Insurers serving the small group market must accept all groups, regardless of their health status. The division reviews rates to ensure they meet standards that protect groups with older or less healthy employees. About 175,000, or 4.4 percent of Oregonians obtain their insurance from the small group market.

In the small group health insurance market, as in the individual market, the division must review and approve both the insurance contracts and the rates charged for the coverage provided. Provisions of Oregon law applicable to the small group market include:

Guaranteed issue. Insurers selling health insurance in the small group market must offer all of their small group products to all small groups on a "guaranteed issue" basis, meaning that each small group has access to all products offered to any other small group in the relevant service area. This requirement does not apply to coverage offered through a bona fide association. A group cannot be turned down based on the age, health, or claims experience of those covered.

Guaranteed renewability. Small employer plans are guaranteed renewable, meaning the coverage continues at the employer's option as long as the employer continues to make the required premium payments. As with individual insurers, a general exception from guaranteed renewability exists for an insurance company that chooses to withdraw from a particular geographic area or from the entire state.

Rating rules. Insurance companies must pool all of their small group employers when setting rates; thus, the rate charged to a business largely reflects medical claims for the entire small group market and not claims for that particular business.

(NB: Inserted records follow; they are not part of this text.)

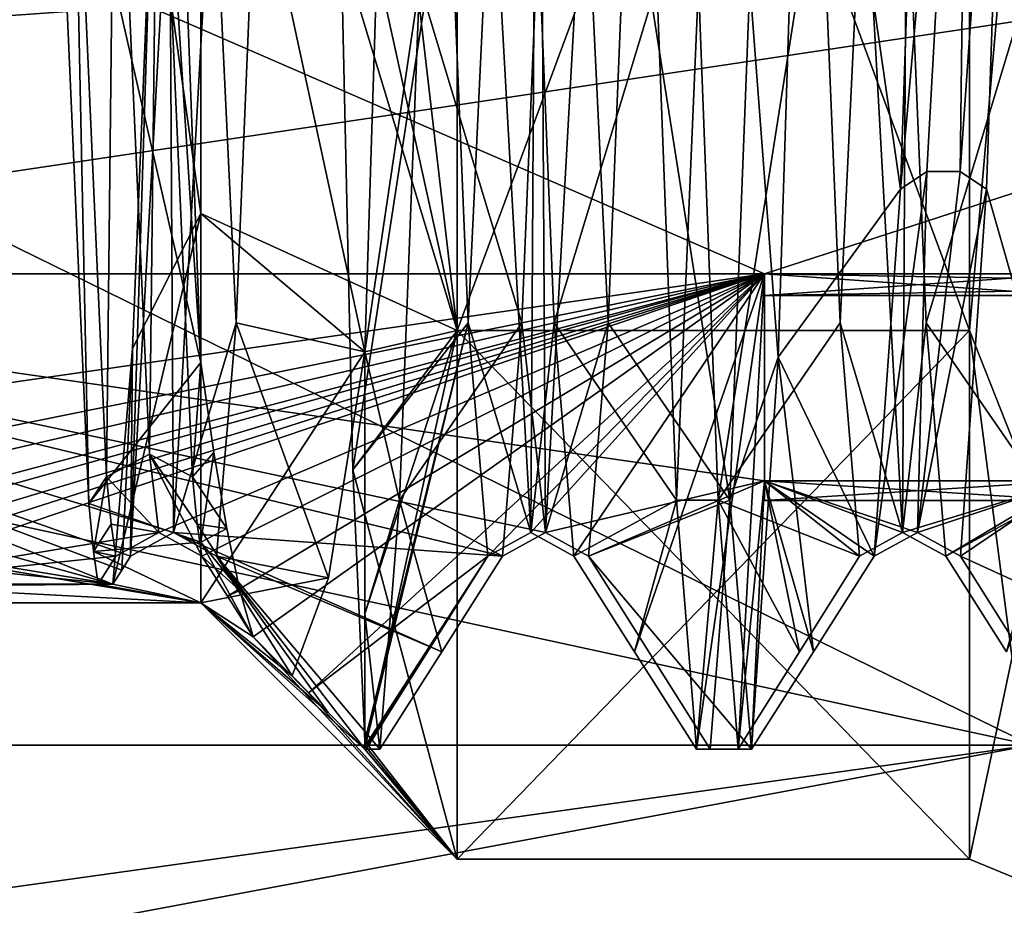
# Model space of a CAD drawing. Header units: millimetres. Extents: x -52 to 107, y -6 to 112.
# Tile 277 of 354: x 90.87 to 95.67, y 2.53 to 6.85. Entities that reach past the tile are written whole.
import ezdxf

# ---------------------------------------------------------------- set-up
doc = ezdxf.new("R2010")
doc.units = ezdxf.units.MM
doc.header["$LTSCALE"] = 65.185185
for name, color, linetype in [('3539', 7, 'CONTINUOUS'), ('3540', 7, 'CONTINUOUS'), ('3541', 7, 'CONTINUOUS'), ('3542', 7, 'CONTINUOUS'), ('3543', 7, 'CONTINUOUS'), ('3544', 7, 'CONTINUOUS'), ('3546', 7, 'CONTINUOUS'), ('3547', 7, 'CONTINUOUS'), ('3555', 7, 'CONTINUOUS'), ('3556', 7, 'CONTINUOUS'), ('3559', 7, 'CONTINUOUS'), ('3567', 7, 'CONTINUOUS'), ('3660', 7, 'CONTINUOUS'), ('3661', 7, 'CONTINUOUS'), ('3662', 7, 'CONTINUOUS'), ('3663', 7, 'CONTINUOUS'), ('3669', 7, 'CONTINUOUS'), ('3670', 7, 'CONTINUOUS'), ('3671', 7, 'CONTINUOUS'), ('3903', 7, 'CONTINUOUS'), ('3907', 7, 'CONTINUOUS'), ('3912', 7, 'CONTINUOUS'), ('3913', 7, 'CONTINUOUS'), ('3916', 7, 'CONTINUOUS'), ('3917', 7, 'CONTINUOUS'), ('3920', 7, 'CONTINUOUS'), ('3921', 7, 'CONTINUOUS'), ('3922', 7, 'CONTINUOUS'), ('3925', 7, 'CONTINUOUS'), ('3926', 7, 'CONTINUOUS'), ('3929', 7, 'CONTINUOUS'), ('3930', 7, 'CONTINUOUS'), ('3931', 7, 'CONTINUOUS'), ('3934', 7, 'CONTINUOUS'), ('3935', 7, 'CONTINUOUS'), ('3938', 7, 'CONTINUOUS'), ('3939', 7, 'CONTINUOUS'), ('3946', 7, 'CONTINUOUS'), ('3947', 7, 'CONTINUOUS'), ('3949', 7, 'CONTINUOUS'), ('3950', 7, 'CONTINUOUS'), ('65', 7, 'CONTINUOUS')]:
    doc.layers.add(name, color=color, linetype=linetype)

msp = doc.modelspace()

# ---------------------------------------------------------------- linework, layer by layer
at = {"layer": '3539', "color": 7, "linetype": 'CONTINUOUS', "true_color": 0x3e84f2}
for points in [[(93, 12.0797, -12.8393), (93, 5.3295, -7.935), (95.5, 12.0795, -12.8393), (93, 12.0797, -12.8393)], [(95.5, 12.0795, -12.8393), (93, 5.3295, -7.935), (95.5, 5.3295, -7.9351), (95.5, 12.0795, -12.8393)], [(93, 2.7513), (95.5, 2.7513), (95.5, 5.3295, -7.9351), (93, 2.7513)], [(93, 5.3295, -7.935), (93, 2.7513), (95.5, 5.3295, -7.9351), (93, 5.3295, -7.935)]]:
    msp.add_3dface(points, dxfattribs=at)
at = {"layer": '3540', "color": 7, "linetype": 'CONTINUOUS', "true_color": 0x3e84f2}
for points in [[(93, 5.3295, -7.935), (93, 12.0797, -12.8393), (91.75, 11.014, -11.074), (93, 5.3295, -7.935)], [(91.75, 5.9018, -6.5538), (93, 5.3295, -7.935), (91.75, 11.014, -11.074), (91.75, 5.9018, -6.5538)], [(93, 5.3295, -7.935), (91.75, 5.9018, -6.5538), (92.55, 5.2258, -6.9815), (93, 5.3295, -7.935)], [(91.75, 5.9018, -6.5538), (91.75, 4.0013), (92.55, 5.2258, -6.9815), (91.75, 5.9018, -6.5538)], [(93, 2.7513), (93, 5.3295, -7.935), (92.55, 3.2878, -1.5), (93, 2.7513)], [(93, 5.3295, -7.935), (92.55, 5.2258, -6.9815), (92.55, 3.9476, -4.35), (93, 5.3295, -7.935)], [(92.55, 3.2878, -1.5), (93, 5.3295, -7.935), (92.55, 3.9476, -4.35), (92.55, 3.2878, -1.5)], [(92.55, 5.2258, -6.9815), (91.75, 4.0013), (92.373, 4.1235, -4.3163), (92.55, 5.2258, -6.9815)], [(92.373, 4.1235, -4.3163), (91.75, 4.0013), (92.1952, 3.645, -1.5), (92.373, 4.1235, -4.3163)], [(91.75, 4.0013), (93, 2.7513), (92.55, 3.2878, -1.5), (91.75, 4.0013)], [(92.1952, 3.645, -1.5), (91.75, 4.0013), (92.372, 3.467, -1.5), (92.1952, 3.645, -1.5)], [(92.372, 3.467, -1.5), (91.75, 4.0013), (92.55, 3.2878, -1.5), (92.372, 3.467, -1.5)]]:
    msp.add_3dface(points, dxfattribs=at)
at = {"layer": '3541', "color": 7, "linetype": 'CONTINUOUS', "true_color": 0x3e84f2}
for points in [[(91.75, 5.9018, -6.5538), (91.75, 11.014, -11.074), (91.5123, 7.5882, -8.6611), (91.75, 5.9018, -6.5538)], [(91.4167, 5.2427, -5.3735), (91.75, 5.9018, -6.5538), (91.5123, 7.5882, -8.6611), (91.4167, 5.2427, -5.3735)], [(91.75, 4.0013), (91.75, 5.9018, -6.5538), (91.3211, 4.0934, -1.5), (91.75, 4.0013)], [(91.3211, 4.0934, -1.5), (91.75, 5.9018, -6.5538), (91.4167, 5.2427, -5.3735), (91.3211, 4.0934, -1.5)], [(82.012, 4.0013), (91.75, 4.0013), (91.3211, 4.0934, -1.5), (82.012, 4.0013)], [(90.0988, 4.0934, -1.5), (82.012, 4.0013), (91.3211, 4.0934, -1.5), (90.0988, 4.0934, -1.5)]]:
    msp.add_3dface(points, dxfattribs=at)
at = {"layer": '3542', "color": 7, "linetype": 'CONTINUOUS', "true_color": 0x3e84f2}
for points in [[(93, 5.3295, 7.935), (93, 12.0797, 12.8393), (95.5, 5.3295, 7.9351), (93, 5.3295, 7.935)], [(95.5, 5.3295, 7.9351), (93, 12.0797, 12.8393), (95.5, 12.0795, 12.8393), (95.5, 5.3295, 7.9351)], [(95.5, 2.7513), (93, 2.7513), (93, 5.3295, 7.935), (95.5, 2.7513)], [(95.5, 2.7513), (93, 5.3295, 7.935), (95.5, 5.3295, 7.9351), (95.5, 2.7513)]]:
    msp.add_3dface(points, dxfattribs=at)
at = {"layer": '3543', "color": 7, "linetype": 'CONTINUOUS', "true_color": 0x3e84f2}
for points in [[(93, 12.0797, 12.8393), (93, 5.3295, 7.935), (92.3761, 10.6935, 11.6149), (93, 12.0797, 12.8393)], [(92.3761, 10.6935, 11.6149), (93, 5.3295, 7.935), (92.4341, 7.2006, 9.2399), (92.3761, 10.6935, 11.6149)], [(92.4341, 7.2006, 9.2399), (93, 5.3295, 7.935), (92.492, 4.6506, 5.8497), (92.4341, 7.2006, 9.2399)], [(93, 5.3295, 7.935), (93, 2.7513), (92.492, 4.6506, 5.8497), (93, 5.3295, 7.935)], [(91.75, 5.1742, 5.2309), (91.8132, 4.7347, 4.3572), (91.75, 4.2981, 2.6804), (91.75, 5.1742, 5.2309)], [(91.8132, 4.7347, 4.3572), (91.8764, 4.3647, 3.4476), (91.75, 4.2981, 2.6804), (91.8132, 4.7347, 4.3572)], [(92.492, 4.6506, 5.8497), (93, 2.7513), (92.55, 3.3261, 1.8009), (92.492, 4.6506, 5.8497)], [(91.8764, 4.3647, 3.4476), (91.9409, 4.0614, 2.4864), (91.75, 4.2981, 2.6804), (91.8764, 4.3647, 3.4476)], [(92.0053, 3.8362, 1.5), (91.75, 4.0013), (91.75, 4.2981, 2.6804), (92.0053, 3.8362, 1.5)], [(91.9409, 4.0614, 2.4864), (92.0053, 3.8362, 1.5), (91.75, 4.2981, 2.6804), (91.9409, 4.0614, 2.4864)], [(93, 2.7513), (91.75, 4.0013), (92.0053, 3.8362, 1.5), (93, 2.7513)], [(92.2763, 3.5633, 1.5), (93, 2.7513), (92.0053, 3.8362, 1.5), (92.2763, 3.5633, 1.5)], [(92.55, 3.2878, 1.5), (93, 2.7513), (92.2763, 3.5633, 1.5), (92.55, 3.2878, 1.5)], [(92.55, 3.3261, 1.8009), (93, 2.7513), (92.55, 3.3061, 1.6506), (92.55, 3.3261, 1.8009)], [(93, 2.7513), (92.55, 3.2878, 1.5), (92.55, 3.3061, 1.6506), (93, 2.7513)]]:
    msp.add_3dface(points, dxfattribs=at)
at = {"layer": '3544', "color": 7, "linetype": 'CONTINUOUS', "true_color": 0x3e84f2}
for points in [[(91.6046, 9.0752, 9.9281), (91.75, 5.1742, 5.2309), (91.036, 8.302, 9.3205), (91.6046, 9.0752, 9.9281)], [(91.036, 8.302, 9.3205), (91.75, 5.1742, 5.2309), (91.2041, 4.4861, 3.4123), (91.036, 8.302, 9.3205)], [(91.75, 4.0013), (82.012, 4.0013), (82.012, 5.6424, 6.125), (91.75, 4.0013)], [(91.75, 4.0013), (82.012, 5.6424, 6.125), (90.0279, 4.0934, 1.5), (91.75, 4.0013)], [(91.75, 5.1742, 5.2309), (91.75, 4.2981, 2.6804), (91.2041, 4.4861, 3.4123), (91.75, 5.1742, 5.2309)], [(91.2041, 4.4861, 3.4123), (91.75, 4.2981, 2.6804), (91.2272, 4.2516, 2.464), (91.2041, 4.4861, 3.4123)], [(91.75, 4.2981, 2.6804), (91.75, 4.0013), (91.2272, 4.2516, 2.464), (91.75, 4.2981, 2.6804)], [(91.2272, 4.2516, 2.464), (91.75, 4.0013), (91.2502, 4.0934, 1.5), (91.2272, 4.2516, 2.464)], [(91.2502, 4.0934, 1.5), (91.75, 4.0013), (90.0279, 4.0934, 1.5), (91.2502, 4.0934, 1.5)]]:
    msp.add_3dface(points, dxfattribs=at)
at = {"layer": '3546', "color": 7, "linetype": 'CONTINUOUS', "true_color": 0x3e84f2}
for points in [[(79.5, 6.8466, -12.9442), (79.5, 11.3068, -15.2168), (95.8, 3.307, -9.4046), (79.5, 6.8466, -12.9442)], [(95.8, 3.307, -9.4046), (79.5, 11.3068, -15.2168), (95.8, 11.3068, -15.2168), (95.8, 3.307, -9.4046)], [(79.5, 3.307, -9.4046), (79.5, 6.8466, -12.9442), (95.8, 3.307, -9.4046), (79.5, 3.307, -9.4046)], [(79.5, 1.0344, -4.9444), (79.5, 3.307, -9.4046), (95.8, 0.2513), (79.5, 1.0344, -4.9444)], [(95.8, 0.2513), (79.5, 3.307, -9.4046), (95.8, 3.307, -9.4046), (95.8, 0.2513)]]:
    msp.add_3dface(points, dxfattribs=at)
at = {"layer": '3547', "color": 7, "linetype": 'CONTINUOUS', "true_color": 0x3e84f2}
for points in [[(79.5, 6.8466, 12.9442), (79.5, 3.307, 9.4046), (95.8, 11.3068, 15.2168), (79.5, 6.8466, 12.9442)], [(95.8, 11.3068, 15.2168), (79.5, 3.307, 9.4046), (95.8, 3.307, 9.4046), (95.8, 11.3068, 15.2168)], [(79.5, 0.2513), (95.8, 0.2513), (95.8, 3.307, 9.4046), (79.5, 0.2513)], [(79.5, 1.0344, 4.9444), (79.5, 0.2513), (95.8, 3.307, 9.4046), (79.5, 1.0344, 4.9444)], [(79.5, 3.307, 9.4046), (79.5, 1.0344, 4.9444), (95.8, 3.307, 9.4046), (79.5, 3.307, 9.4046)]]:
    msp.add_3dface(points, dxfattribs=at)
at = {"layer": '3555', "linetype": 'CONTINUOUS'}
for points in [[(95.5, 12.0795, -12.8393), (95.5, 5.3295, -7.9351), (95.8536, 9.428, -11.8182), (95.5, 12.0795, -12.8393)], [(95.5, 5.3295, -7.9351), (95.8536, 4.4331, -6.8232), (95.8536, 9.428, -11.8182), (95.5, 5.3295, -7.9351)], [(95.5, 5.3295, -7.9351), (95.5, 2.7513), (95.8536, 4.4331, -6.8232), (95.5, 5.3295, -7.9351)], [(95.5, 2.7513), (95.8536, 2.6048), (95.8536, 4.4331, -6.8232), (95.5, 2.7513)]]:
    msp.add_3dface(points, dxfattribs=at)
at = {"layer": '3556', "linetype": 'CONTINUOUS'}
for points in [[(95.5, 5.3295, 7.9351), (95.5, 12.0795, 12.8393), (95.8536, 9.428, 11.8182), (95.5, 5.3295, 7.9351)], [(95.5, 5.3295, 7.9351), (95.8536, 9.428, 11.8182), (95.8536, 4.4331, 6.8232), (95.5, 5.3295, 7.9351)], [(95.5, 2.7513), (95.5, 5.3295, 7.9351), (95.8536, 2.6048), (95.5, 2.7513)], [(95.8536, 2.6048), (95.5, 5.3295, 7.9351), (95.8536, 4.4331, 6.8232), (95.8536, 2.6048)]]:
    msp.add_3dface(points, dxfattribs=at)
at = {"layer": '3559', "linetype": 'CONTINUOUS'}
for points in [[(100.5, 7.5544, 6.3187), (94.5, 5.6064, 1.5), (87.5, 8.6499, 7.6014), (100.5, 7.5544, 6.3187)], [(87.5, 8.6499, 7.6014), (94.5, 5.6064, 1.5), (87.5, 5.6064, 1.5), (87.5, 8.6499, 7.6014)], [(100.5, 7.5544, 6.3187), (100.5, 5.5013), (94.5, 5.6064, 1.5), (100.5, 7.5544, 6.3187)], [(94.5, 5.6064, 1.5), (100.5, 5.5013), (96, 5.5013), (94.5, 5.6064, 1.5)], [(94.5, 5.5013), (94.5, 5.6064, 1.5), (96, 5.5013), (94.5, 5.5013)], [(94.5, 5.6064, -1.5), (94.5, 5.5013), (96, 5.6064, -1.5), (94.5, 5.6064, -1.5)], [(96, 5.6064, -1.5), (94.5, 5.5013), (96, 5.5276, -0.7518), (96, 5.6064, -1.5)], [(96, 5.5276, -0.7518), (94.5, 5.5013), (96, 5.5013), (96, 5.5276, -0.7518)]]:
    msp.add_3dface(points, dxfattribs=at)
at = {"layer": '3567', "linetype": 'CONTINUOUS'}
for points in [[(87.5, 6.6316, -4.7983), (100.5, 7.5544, -6.3187), (87.5, 8.6499, -7.6014), (87.5, 6.6316, -4.7983)], [(94.5, 5.6064, -1.5), (100.5, 7.5544, -6.3187), (87.5, 5.6064, -1.5), (94.5, 5.6064, -1.5)], [(87.5, 5.6064, -1.5), (100.5, 7.5544, -6.3187), (87.5, 6.6316, -4.7983), (87.5, 5.6064, -1.5)], [(100.5, 7.5544, -6.3187), (94.5, 5.6064, -1.5), (96, 5.6064, -1.5), (100.5, 7.5544, -6.3187)]]:
    msp.add_3dface(points, dxfattribs=at)
at = {"layer": '3660', "linetype": 'CONTINUOUS'}
for points in [[(87.5, 5.6064, 1.5), (94.5, 5.6064, 1.5), (87.5, 4.5974, 1.5), (87.5, 5.6064, 1.5)], [(87.5, 4.5974, 1.5), (94.5, 5.6064, 1.5), (89.5, 4.5974, 1.5), (87.5, 4.5974, 1.5)], [(89.5, 4.5974, 1.5), (94.5, 5.6064, 1.5), (89.6251, 4.4713, 1.5), (89.5, 4.5974, 1.5)], [(89.6251, 4.4713, 1.5), (94.5, 5.6064, 1.5), (89.7508, 4.3445, 1.5), (89.6251, 4.4713, 1.5)], [(89.7508, 4.3445, 1.5), (94.5, 5.6064, 1.5), (89.8598, 4.3086, 1.5), (89.7508, 4.3445, 1.5)], [(89.8598, 4.3086, 1.5), (94.5, 5.6064, 1.5), (89.9417, 4.2293, 1.5), (89.8598, 4.3086, 1.5)], [(89.9417, 4.2293, 1.5), (94.5, 5.6064, 1.5), (89.9847, 4.1614, 1.5), (89.9417, 4.2293, 1.5)], [(94.5, 5.6064, 1.5), (90.0279, 4.0934, 1.5), (89.9847, 4.1614, 1.5), (94.5, 5.6064, 1.5)], [(90.0279, 4.0934, 1.5), (94.5, 5.6064, 1.5), (91.545, 4.3454, 1.5), (90.0279, 4.0934, 1.5)], [(91.545, 4.3454, 1.5), (94.5, 5.6064, 1.5), (91.7557, 4.2293, 1.5), (91.545, 4.3454, 1.5)], [(91.7557, 4.2293, 1.5), (94.5, 5.6064, 1.5), (91.88, 4.0335, 1.5), (91.7557, 4.2293, 1.5)], [(94.5, 5.6064, 1.5), (92.0053, 3.8362, 1.5), (91.88, 4.0335, 1.5), (94.5, 5.6064, 1.5)], [(92.2763, 3.5633, 1.5), (92.0053, 3.8362, 1.5), (94.5, 5.6064, 1.5), (92.2763, 3.5633, 1.5)], [(92.2763, 3.5633, 1.5), (94.5, 5.6064, 1.5), (93.1497, 4.2293, 1.5), (92.2763, 3.5633, 1.5)], [(93.1497, 4.2293, 1.5), (94.5, 5.6064, 1.5), (93.3593, 4.3454, 1.5), (93.1497, 4.2293, 1.5)], [(93.3593, 4.3454, 1.5), (94.5, 5.6064, 1.5), (93.5697, 4.2293, 1.5), (93.3593, 4.3454, 1.5)], [(93.5697, 4.2293, 1.5), (94.5, 5.6064, 1.5), (93.8658, 3.763, 1.5), (93.5697, 4.2293, 1.5)], [(93.8658, 3.763, 1.5), (94.5, 5.6064, 1.5), (94.1678, 3.2878, 1.5), (93.8658, 3.763, 1.5)], [(94.1678, 3.2878, 1.5), (94.5, 5.6064, 1.5), (94.3707, 3.2878, 1.5), (94.1678, 3.2878, 1.5)], [(94.3707, 3.2878, 1.5), (94.5, 5.6064, 1.5), (94.5, 4.5974, 1.5), (94.3707, 3.2878, 1.5)], [(94.6702, 3.763, 1.5), (94.3707, 3.2878, 1.5), (94.5, 4.5974, 1.5), (94.6702, 3.763, 1.5)], [(94.9637, 4.2293, 1.5), (94.6702, 3.763, 1.5), (94.5, 4.5974, 1.5), (94.9637, 4.2293, 1.5)], [(95.1733, 4.3454, 1.5), (94.9637, 4.2293, 1.5), (94.5, 4.5974, 1.5), (95.1733, 4.3454, 1.5)], [(96, 4.5974, 1.5), (95.1733, 4.3454, 1.5), (94.5, 4.5974, 1.5), (96, 4.5974, 1.5)], [(95.3837, 4.2293, 1.5), (95.1733, 4.3454, 1.5), (96, 4.5974, 1.5), (95.3837, 4.2293, 1.5)], [(95.6798, 3.763, 1.5), (95.3837, 4.2293, 1.5), (96, 4.5974, 1.5), (95.6798, 3.763, 1.5)], [(91.3357, 4.2293, 1.5), (90.0279, 4.0934, 1.5), (91.545, 4.3454, 1.5), (91.3357, 4.2293, 1.5)], [(91.2502, 4.0934, 1.5), (90.0279, 4.0934, 1.5), (91.3357, 4.2293, 1.5), (91.2502, 4.0934, 1.5)], [(92.55, 3.2878, 1.5), (92.2763, 3.5633, 1.5), (93.1497, 4.2293, 1.5), (92.55, 3.2878, 1.5)], [(92.5567, 3.2878, 1.5), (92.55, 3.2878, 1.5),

*Rating factors. The law limits the factors that can be used to set rates. Factors that may be used include tobacco use, age, family size, and geographic location.

*Mandated benefits. All small group health insurance policies must include essential health benefits and certain mandated health benefits. Preventive benefits must be offered with no cost sharing.

Nondiscrimination. Both federal and state law prohibit health insurance companies from applying different eligibility rules, offering different health insurance benefits, or charging higher premium rates to individual employees within a small employer group on the basis of health status or other health-related factors, including claims experience, medical history, or genetic information.

Participation requirements. Health insurance companies may require small employers to pay some portion of their employees' health insurance premiums and may also require that a certain percentage of eligible employees participate in the plan. If an insurer requires 100 percent of eligible employees to participate in the plan, the insurer may not require a small employer to contribute more than 50 percent of the premium cost of an employee-only benefit plan.

*Requirement does not apply to grandfathered or transitional plans.